MEANING will be concerned with automatically collecting and analysing language data from the WWW on a large scale, and building more comprehensive multilingual lexical knowledge bases to support improved word sense disambiguation (WSD). MEANING will use state of the art NLP techniques pioneered by the consortium to enhance EuroWordNet with mainly language-independent lexico-semantic (concept) information. We will use a combination of Machine Learning and Knowledge-Based techniques in order to enrich the structure of the wordnets in different domains (subsets of the web) in five European languages: English, Italian, Spanish, Catalan and Basque. The core technology used by MEANING will include tools to perform language identification, morphological analysis, part-of-speech tagging,
named-entity recognition and classification, sentence boundary detection, shallow parsing and text categorization.
- Euroterm: Extending the EuroWordNet with Public Sector Terminology, 2001-2003
The main objective of the proposed preparatory action is to offer public sector information in different languages beyond the mere homogeneous linguistic community it
originates from. The extension of the EuroWordNet and the Inter-Lingual-Index records with public sector terminology aims at providing the infrastructure for facilitating access
of European citizens and enterprises to public sector information.
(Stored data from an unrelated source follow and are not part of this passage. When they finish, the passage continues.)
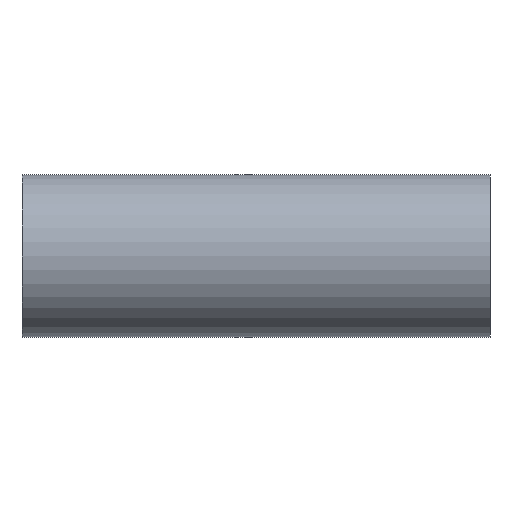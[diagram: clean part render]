
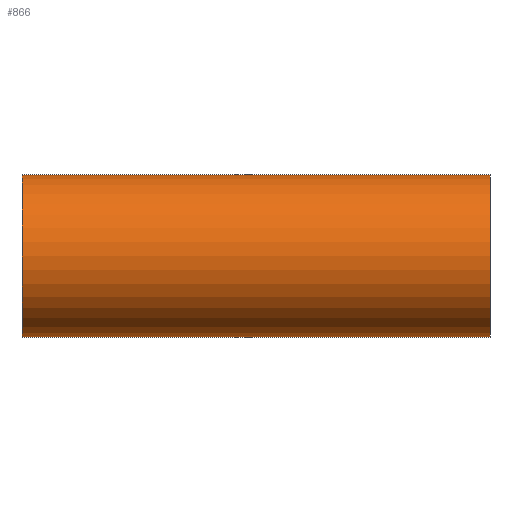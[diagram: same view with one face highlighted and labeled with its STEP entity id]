
A CAD part, front view. The second image highlights one B-rep face of the part: STEP entity #866.
In plain terms, the highlighted cylindrical face has radius 25.4 mm (diameter 50.8 mm), a partial arc.
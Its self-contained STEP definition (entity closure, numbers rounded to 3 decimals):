
#10 = LINE ( 'NONE', #296, #29 ) ;
#26 = VECTOR ( 'NONE', #81, 1000. ) ;
#29 = VECTOR ( 'NONE', #1068, 1000. ) ;
#62 = LINE ( 'NONE', #479, #26 ) ;
#81 = DIRECTION ( 'NONE',  ( 1., 0., 0. ) ) ;
#214 = CARTESIAN_POINT ( 'NONE',  ( 73., 0., -25.4 ) ) ;
#223 = DIRECTION ( 'NONE',  ( 0., 0., -1. ) ) ;
#296 = CARTESIAN_POINT ( 'NONE',  ( -73., 0., -25.4 ) ) ;
#324 = CARTESIAN_POINT ( 'NONE',  ( -73., 0., 0. ) ) ;
#336 = EDGE_CURVE ( 'NONE', #1209, #1331, #62, .T. ) ;
#339 = DIRECTION ( 'NONE',  ( 1., 0., 0. ) ) ;
#345 = EDGE_CURVE ( 'NONE', #1150, #950, #10, .T. ) ;
#349 = DIRECTION ( 'NONE',  ( 0., 0., -1. ) ) ;
#368 = AXIS2_PLACEMENT_3D ( 'NONE', #324, #339, #349 ) ;
#377 = CARTESIAN_POINT ( 'NONE',  ( -73., 0., -25.4 ) ) ;
#389 = AXIS2_PLACEMENT_3D ( 'NONE', #1051, #1070, #1048 ) ;
#463 = ORIENTED_EDGE ( 'NONE', *, *, #336, .F. ) ;
#479 = CARTESIAN_POINT ( 'NONE',  ( -73., 0., 25.4 ) ) ;
#514 = CYLINDRICAL_SURFACE ( 'NONE', #389, 25.4 ) ;
#522 = ORIENTED_EDGE ( 'NONE', *, *, #1130, .T. ) ;
#553 = FACE_OUTER_BOUND ( 'NONE', #1273, .T. ) ;
#600 = ORIENTED_EDGE ( 'NONE', *, *, #345, .T. ) ;
#688 = CIRCLE ( 'NONE', #693, 25.4 ) ;
#693 = AXIS2_PLACEMENT_3D ( 'NONE', #1282, #1294, #223 ) ;
#735 = CARTESIAN_POINT ( 'NONE',  ( -73., 0., 25.4 ) ) ;
#746 = ORIENTED_EDGE ( 'NONE', *, *, #929, .T. ) ;
#866 = ADVANCED_FACE ( 'NONE', ( #553 ), #514, .T. ) ;
#929 = EDGE_CURVE ( 'NONE', #950, #1331, #688, .T. ) ;
#950 = VERTEX_POINT ( 'NONE', #214 ) ;
#953 = CIRCLE ( 'NONE', #368, 25.4 ) ;
#1048 = DIRECTION ( 'NONE',  ( 0., 0., -1. ) ) ;
#1051 = CARTESIAN_POINT ( 'NONE',  ( -73., 0., 0. ) ) ;
#1066 = CARTESIAN_POINT ( 'NONE',  ( 73., 0., 25.4 ) ) ;
#1068 = DIRECTION ( 'NONE',  ( 1., 0., 0. ) ) ;
#1070 = DIRECTION ( 'NONE',  ( 1., 0., 0. ) ) ;
#1130 = EDGE_CURVE ( 'NONE', #1209, #1150, #953, .T. ) ;
#1150 = VERTEX_POINT ( 'NONE', #377 ) ;
#1209 = VERTEX_POINT ( 'NONE', #735 ) ;
#1273 = EDGE_LOOP ( 'NONE', ( #463, #522, #600, #746 ) ) ;
#1282 = CARTESIAN_POINT ( 'NONE',  ( 73., 0., 0. ) ) ;
#1294 = DIRECTION ( 'NONE',  ( -1., 0., 0. ) ) ;
#1331 = VERTEX_POINT ( 'NONE', #1066 ) ;

The action’s actual purpose is to combine effectively multilingual domain specific information into a common
lexical database through a Terminology Alignment System, lowering this way the barriers across European languages. Another main goal of the preparatory action is to explore how
such a multilingual lexical database could facilitate access to environmental information and contribute to the development and use of the European digital content. On a longer
term we expect that the domain specific terminology incorporated into the EuroWordNet multilingual database will open up a whole new range of services in Europe at a trans-national level.
- Balkanet Design and Development of a Multilingual Balkan WordNet, (IST-2000-29388), 2002-2004
The Balkan WordNet aims at the development of a multilingual lexical database comprising of individual WordNets for the Balkan languages. The most ambitious feature of the BalkaNet
is its attempt to represent semantic relations between words in each Balkan language and link them together in order to develop an on line multilingual semantic network. The main
objective is the development of each's languages WordNet from available resources covering the general vocabulary of each language. Semantic relations will be classified in the
independent WordNets according to a shared ontology. Then, all individual WordNets will be organized into a common database providing linking across them. Each of the WordNets
will be structured along the same lines as the EuroWordNet through a WordNet Management System. This project is an excellent opportunity to explore the less studied Balkan languages
and combine and compare them cross-linguistically.
- Pidgin, 2002-2004
Financially supported by the Dutch government within the framework of the CIC-programme
(Compete with ICT-competences) of the Ministries of Economic Affairs and of Educational and Cultural Affairs. In the Netherlands a consortium of five organisations has started a project with
the aim to improve the cross-lingual communication on the Internet. The name of the project is Pidgin. This name has been derived from the pidgin languages that were developed between
people with different language backgrounds during colonial times. The Pidgin-project is an unique project which combines the sciences of IT and linguistics. By using special techniques
of both sciences, Pidgin enables internet users all over the world:
1. to retrieve multi-lingual information from the internet (human-machine);
2. to communicate with their fellow users in their own native languages (human-human).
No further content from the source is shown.